## WORK INSTRUCTION
Copy, from the data below, each line that has the word "units".

[[ GIVEN ENTRIES open ]]

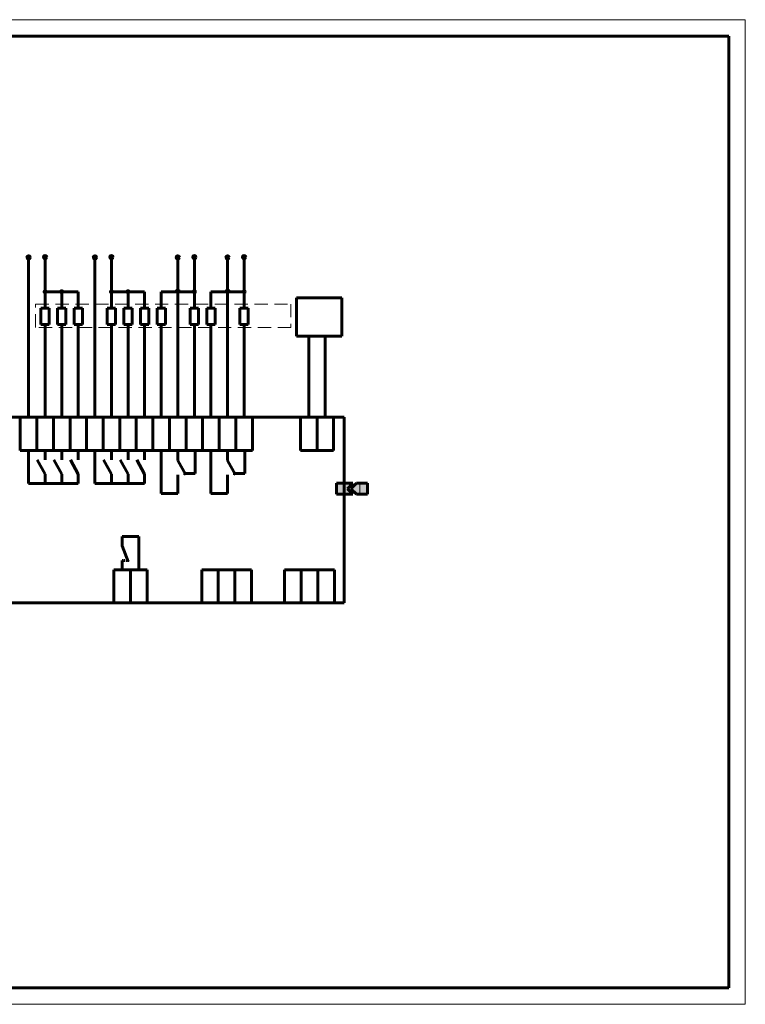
# Model space of a CAD drawing. Header units: millimetres. Extents: x 0 to 1680, y 0 to 297.
# Tile 12 of 12: x 1461 to 1680, y 0 to 297. Entities that reach past the tile are written whole.
import ezdxf

# ---------------------------------------------------------------- set-up
doc = ezdxf.new("R2010")
doc.units = ezdxf.units.MM
for name, pattern in [('K5LT_AUXILIARY', [0]), ('K5LT_BASIC', [0]), ('K5LT_DASHED', [6, 4, -2]), ('K5LT_THIN', [0])]:
    doc.linetypes.add(name, pattern=pattern)
doc.layers.add('Системный слой (1)', color=7, linetype='Continuous', true_color=0x909090)

# ---------------------------------------------------------------- blocks, each defined once
blk = doc.blocks.new('U24')
at = {"layer": 'Системный слой (1)', "color": 5, "linetype": 'K5LT_BASIC', "lineweight": 60, "true_color": 0x0000ff}
for p, q in [((1391.41, 177.08), (1559.03, 177.08)), ((1391.41, 121.08), (1391.41, 177.08)), ((1559.03, 177.08), (1559.03, 121.08)), ((1559.03, 121.08), (1391.41, 121.08))]:
    blk.add_line(p, q, dxfattribs=at)
blk = doc.blocks.new('U34')
at = {"layer": 'Системный слой (1)', "color": 5, "linetype": 'K5LT_BASIC', "lineweight": 60, "true_color": 0x0000ff}
for p, q in [((1461.36, 177.08), (1466.36, 177.08)), ((1461.36, 167.08), (1461.36, 177.08)), ((1466.36, 177.08), (1466.36, 167.08)), ((1466.36, 167.08), (1461.36, 167.08))]:
    blk.add_line(p, q, dxfattribs=at)
blk = doc.blocks.new('U35')
at = {"layer": 'Системный слой (1)', "color": 5, "linetype": 'K5LT_BASIC', "lineweight": 60, "true_color": 0x0000ff}
for p, q in [((1466.36, 177.08), (1471.36, 177.08)), ((1466.36, 167.08), (1466.36, 177.08)), ((1471.36, 177.08), (1471.36, 167.08)), ((1471.36, 167.08), (1466.36, 167.08))]:
    blk.add_line(p, q, dxfattribs=at)
blk = doc.blocks.new('U36')
at = {"layer": 'Системный слой (1)', "color": 5, "linetype": 'K5LT_BASIC', "lineweight": 60, "true_color": 0x0000ff}
for p, q in [((1471.36, 177.08), (1476.36, 177.08)), ((1471.36, 167.08), (1471.36, 177.08)), ((1476.36, 177.08), (1476.36, 167.08)), ((1476.36, 167.08), (1471.36, 167.08))]:
    blk.add_line(p, q, dxfattribs=at)
blk = doc.blocks.new('U37')
at = {"layer": 'Системный слой (1)', "color": 5, "linetype": 'K5LT_BASIC', "lineweight": 60, "true_color": 0x0000ff}
for p, q in [((1476.36, 177.08), (1481.36, 177.08)), ((1476.36, 167.08), (1476.36, 177.08)), ((1481.36, 177.08), (1481.36, 167.08)), ((1481.36, 167.08), (1476.36, 167.08))]:
    blk.add_line(p, q, dxfattribs=at)
blk = doc.blocks.new('U38')
at = {"layer": 'Системный слой (1)', "color": 5, "linetype": 'K5LT_BASIC', "lineweight": 60, "true_color": 0x0000ff}
for p, q in [((1481.36, 177.08), (1486.36, 177.08)), ((1481.36, 167.08), (1481.36, 177.08)), ((1486.36, 177.08), (1486.36, 167.08)), ((1486.36, 167.08), (1481.36, 167.08))]:
    blk.add_line(p, q, dxfattribs=at)
blk = doc.blocks.new('U39')
at = {"layer": 'Системный слой (1)', "color": 5, "linetype": 'K5LT_BASIC', "lineweight": 60, "true_color": 0x0000ff}
for p, q in [((1486.36, 177.08), (1491.36, 177.08)), ((1486.36, 167.08), (1486.36, 177.08)), ((1491.36, 177.08), (1491.36, 167.08)), ((1491.36, 167.08), (1486.36, 167.08))]:
    blk.add_line(p, q, dxfattribs=at)
blk = doc.blocks.new('U40')
at = {"layer": 'Системный слой (1)', "color": 5, "linetype": 'K5LT_BASIC', "lineweight": 60, "true_color": 0x0000ff}
for p, q in [((1491.36, 177.08), (1496.36, 177.08)), ((1491.36, 167.08), (1491.36, 177.08)), ((1496.36, 177.08), (1496.36, 167.08)), ((1496.36, 167.08), (1491.36, 167.08))]:
    blk.add_line(p, q, dxfattribs=at)
blk = doc.blocks.new('U41')
at = {"layer": 'Системный слой (1)', "color": 5, "linetype": 'K5LT_BASIC', "lineweight": 60, "true_color": 0x0000ff}
for p, q in [((1496.36, 177.08), (1501.36, 177.08)), ((1496.36, 167.08), (1496.36, 177.08)), ((1501.36, 177.08), (1501.36, 167.08)), ((1501.36, 167.08), (1496.36, 167.08))]:
    blk.add_line(p, q, dxfattribs=at)
blk = doc.blocks.new('U42')
at = {"layer": 'Системный слой (1)', "color": 5, "linetype": 'K5LT_BASIC', "lineweight": 60, "true_color": 0x0000ff}
for p, q in [((1501.36, 177.08), (1506.36, 177.08)), ((1501.36, 167.08), (1501.36, 177.08)), ((1506.36, 177.08), (1506.36, 167.08)), ((1506.36, 167.08), (1501.36, 167.08))]:
    blk.add_line(p, q, dxfattribs=at)
blk = doc.blocks.new('U43')
at = {"layer": 'Системный слой (1)', "color": 5, "linetype": 'K5LT_BASIC', "lineweight": 60, "true_color": 0x0000ff}
for p, q in [((1506.36, 177.08), (1511.36, 177.08)), ((1506.36, 167.08), (1506.36, 177.08)), ((1511.36, 177.08), (1511.36, 167.08)), ((1511.36, 167.08), (1506.36, 167.08))]:
    blk.add_line(p, q, dxfattribs=at)
blk = doc.blocks.new('U44')
at = {"layer": 'Системный слой (1)', "color": 5, "linetype": 'K5LT_BASIC', "lineweight": 60, "true_color": 0x0000ff}
for p, q in [((1511.36, 177.08), (1516.36, 177.08)), ((1511.36, 167.08), (1511.36, 177.08)), ((1516.36, 177.08), (1516.36, 167.08)), ((1516.36, 167.08), (1511.36, 167.08))]:
    blk.add_line(p, q, dxfattribs=at)
blk = doc.blocks.new('U45')
at = {"layer": 'Системный слой (1)', "color": 5, "linetype": 'K5LT_BASIC', "lineweight": 60, "true_color": 0x0000ff}
for p, q in [((1516.36, 177.08), (1521.36, 177.08)), ((1516.36, 167.08), (1516.36, 177.08)), ((1521.36, 177.08), (1521.36, 167.08)), ((1521.36, 167.08), (1516.36, 167.08))]:
    blk.add_line(p, q, dxfattribs=at)
blk = doc.blocks.new('U46')
at = {"layer": 'Системный слой (1)', "color": 5, "linetype": 'K5LT_BASIC', "lineweight": 60, "true_color": 0x0000ff}
for p, q in [((1521.36, 177.08), (1526.36, 177.08)), ((1521.36, 167.08), (1521.36, 177.08)), ((1526.36, 177.08), (1526.36, 167.08)), ((1526.36, 167.08), (1521.36, 167.08))]:
    blk.add_line(p, q, dxfattribs=at)
blk = doc.blocks.new('U47')
at = {"layer": 'Системный слой (1)', "color": 5, "linetype": 'K5LT_BASIC', "lineweight": 60, "true_color": 0x0000ff}
for p, q in [((1526.36, 177.08), (1531.36, 177.08)), ((1526.36, 167.08), (1526.36, 177.08)), ((1531.36, 177.08), (1531.36, 167.08)), ((1531.36, 167.08), (1526.36, 167.08))]:
    blk.add_line(p, q, dxfattribs=at)
blk = doc.blocks.new('U48')
at = {"layer": 'Системный слой (1)', "color": 5, "linetype": 'K5LT_BASIC', "lineweight": 60, "true_color": 0x0000ff}
for p, q in [((1516.07, 131.08), (1521.07, 131.08)), ((1516.07, 121.08), (1516.07, 131.08)), ((1521.07, 131.08), (1521.07, 121.08)), ((1521.07, 121.08), (1516.07, 121.08))]:
    blk.add_line(p, q, dxfattribs=at)
blk = doc.blocks.new('U49')
at = {"layer": 'Системный слой (1)', "color": 5, "linetype": 'K5LT_BASIC', "lineweight": 60, "true_color": 0x0000ff}
for p, q in [((1521.07, 131.08), (1526.07, 131.08)), ((1521.07, 121.08), (1521.07, 131.08)), ((1526.07, 131.08), (1526.07, 121.08)), ((1526.07, 121.08), (1521.07, 121.08))]:
    blk.add_line(p, q, dxfattribs=at)
blk = doc.blocks.new('U50')
at = {"layer": 'Системный слой (1)', "color": 5, "linetype": 'K5LT_BASIC', "lineweight": 60, "true_color": 0x0000ff}
for p, q in [((1526.07, 131.08), (1531.07, 131.08)), ((1526.07, 121.08), (1526.07, 131.08)), ((1531.07, 131.08), (1531.07, 121.08)), ((1531.07, 121.08), (1526.07, 121.08))]:
    blk.add_line(p, q, dxfattribs=at)
blk = doc.blocks.new('U51')
at = {"layer": 'Системный слой (1)', "color": 5, "linetype": 'K5LT_BASIC', "lineweight": 60, "true_color": 0x0000ff}
for p, q in [((1541.07, 131.08), (1546.07, 131.08)), ((1541.07, 121.08), (1541.07, 131.08)), ((1546.07, 131.08), (1546.07, 121.08)), ((1546.07, 121.08), (1541.07, 121.08))]:
    blk.add_line(p, q, dxfattribs=at)
blk = doc.blocks.new('U52')
at = {"layer": 'Системный слой (1)', "color": 5, "linetype": 'K5LT_BASIC', "lineweight": 60, "true_color": 0x0000ff}
for p, q in [((1546.07, 131.08), (1551.07, 131.08)), ((1546.07, 121.08), (1546.07, 131.08)), ((1551.07, 131.08), (1551.07, 121.08)), ((1551.07, 121.08), (1546.07, 121.08))]:
    blk.add_line(p, q, dxfattribs=at)
blk = doc.blocks.new('U53')
at = {"layer": 'Системный слой (1)', "color": 5, "linetype": 'K5LT_BASIC', "lineweight": 60, "true_color": 0x0000ff}
for p, q in [((1551.07, 131.08), (1556.07, 131.08)), ((1551.07, 121.08), (1551.07, 131.08)), ((1556.07, 131.08), (1556.07, 121.08)), ((1556.07, 121.08), (1551.07, 121.08))]:
    blk.add_line(p, q, dxfattribs=at)
blk = doc.blocks.new('U54')
at = {"layer": 'Системный слой (1)', "color": 5, "linetype": 'K5LT_BASIC', "lineweight": 60, "true_color": 0x0000ff}
for p, q in [((1489.61, 131.08), (1494.61, 131.08)), ((1489.61, 121.08), (1489.61, 131.08)), ((1494.61, 131.08), (1494.61, 121.08)), ((1494.61, 121.08), (1489.61, 121.08))]:
    blk.add_line(p, q, dxfattribs=at)
blk = doc.blocks.new('U55')
at = {"layer": 'Системный слой (1)', "color": 5, "linetype": 'K5LT_BASIC', "lineweight": 60, "true_color": 0x0000ff}
for p, q in [((1494.61, 131.08), (1499.61, 131.08)), ((1494.61, 121.08), (1494.61, 131.08)), ((1499.61, 131.08), (1499.61, 121.08)), ((1499.61, 121.08), (1494.61, 121.08))]:
    blk.add_line(p, q, dxfattribs=at)
blk = doc.blocks.new('U58')
at = {"layer": 'Системный слой (1)', "color": 5, "linetype": 'K5LT_BASIC', "lineweight": 60, "true_color": 0x0000ff}
for p, q in [((1470.11, 210.01), (1467.61, 210.01)), ((1467.61, 210.01), (1467.61, 205.01)), ((1470.11, 205.01), (1470.11, 210.01)), ((1467.61, 205.01), (1470.11, 205.01))]:
    blk.add_line(p, q, dxfattribs=at)
blk = doc.blocks.new('U59')
at = {"layer": 'Системный слой (1)', "color": 5, "linetype": 'K5LT_BASIC', "lineweight": 60, "true_color": 0x0000ff}
for p, q in [((1475.11, 210.01), (1472.61, 210.01)), ((1472.61, 210.01), (1472.61, 205.01)), ((1475.11, 205.01), (1475.11, 210.01)), ((1472.61, 205.01), (1475.11, 205.01))]:
    blk.add_line(p, q, dxfattribs=at)
blk = doc.blocks.new('U60')
at = {"layer": 'Системный слой (1)', "color": 5, "linetype": 'K5LT_BASIC', "lineweight": 60, "true_color": 0x0000ff}
for p, q in [((1480.11, 210.01), (1477.61, 210.01)), ((1477.61, 210.01), (1477.61, 205.01)), ((1480.11, 205.01), (1480.11, 210.01)), ((1477.61, 205.01), (1480.11, 205.01))]:
    blk.add_line(p, q, dxfattribs=at)
blk = doc.blocks.new('U61')
at = {"layer": 'Системный слой (1)', "color": 5, "linetype": 'K5LT_BASIC', "lineweight": 60, "true_color": 0x0000ff}
for p, q in [((1490.11, 210.01), (1487.61, 210.01)), ((1487.61, 210.01), (1487.61, 205.01)), ((1490.11, 205.01), (1490.11, 210.01)), ((1487.61, 205.01), (1490.11, 205.01))]:
    blk.add_line(p, q, dxfattribs=at)
blk = doc.blocks.new('U62')
at = {"layer": 'Системный слой (1)', "color": 5, "linetype": 'K5LT_BASIC', "lineweight": 60, "true_color": 0x0000ff}
for p, q in [((1495.11, 210.01), (1492.61, 210.01)), ((1492.61, 210.01), (1492.61, 205.01)), ((1495.11, 205.01), (1495.11, 210.01)), ((1492.61, 205.01), (1495.11, 205.01))]:
    blk.add_line(p, q, dxfattribs=at)
blk = doc.blocks.new('U63')
at = {"layer": 'Системный слой (1)', "color": 5, "linetype": 'K5LT_BASIC', "lineweight": 60, "true_color": 0x0000ff}
for p, q in [((1500.11, 210.01), (1497.61, 210.01)), ((1497.61, 210.01), (1497.61, 205.01)), ((1500.11, 205.01), (1500.11, 210.01)), ((1497.61, 205.01), (1500.11, 205.01))]:
    blk.add_line(p, q, dxfattribs=at)
blk = doc.blocks.new('U64')
at = {"layer": 'Системный слой (1)', "color": 5, "linetype": 'K5LT_BASIC', "lineweight": 60, "true_color": 0x0000ff}
for p, q in [((1515.11, 210.01), (1512.61, 210.01)), ((1512.61, 210.01), (1512.61, 205.01)), ((1515.11, 205.01), (1515.11, 210.01)), ((1512.61, 205.01), (1515.11, 205.01))]:
    blk.add_line(p, q, dxfattribs=at)
blk = doc.blocks.new('U65')
at = {"layer": 'Системный слой (1)', "color": 5, "linetype": 'K5LT_BASIC', "lineweight": 60, "true_color": 0x0000ff}
for p, q in [((1505.11, 210.01), (1502.61, 210.01)), ((1502.61, 210.01), (1502.61, 205.01)), ((1505.11, 205.01), (1505.11, 210.01)), ((1502.61, 205.01), (1505.11, 205.01))]:
    blk.add_line(p, q, dxfattribs=at)
blk = doc.blocks.new('U66')
at = {"layer": 'Системный слой (1)', "color": 5, "linetype": 'K5LT_BASIC', "lineweight": 60, "true_color": 0x0000ff}
for p, q in [((1530.11, 210.01), (1527.61, 210.01)), ((1527.61, 210.01), (1527.61, 205.01)), ((1530.11, 205.01), (1530.11, 210.01)), ((1527.61, 205.01), (1530.11, 205.01))]:
    blk.add_line(p, q, dxfattribs=at)
blk = doc.blocks.new('U67')
at = {"layer": 'Системный слой (1)', "color": 5, "linetype": 'K5LT_BASIC', "lineweight": 60, "true_color": 0x0000ff}
for p, q in [((1520.11, 210.01), (1517.61, 210.01)), ((1517.61, 210.01), (1517.61, 205.01)), ((1520.11, 205.01), (1520.11, 210.01)), ((1517.61, 205.01), (1520.11, 205.01))]:
    blk.add_line(p, q, dxfattribs=at)
blk = doc.blocks.new('U68')
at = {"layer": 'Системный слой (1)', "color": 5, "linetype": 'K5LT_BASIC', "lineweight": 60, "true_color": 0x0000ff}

[[ GIVEN ENTRIES closed ]]

## ANSWER TO THIS EXERCISE
# Model space of a CAD drawing. Header units: millimetres. Extents: x 0 to 1680, y 0 to 297.
doc.units = ezdxf.units.MM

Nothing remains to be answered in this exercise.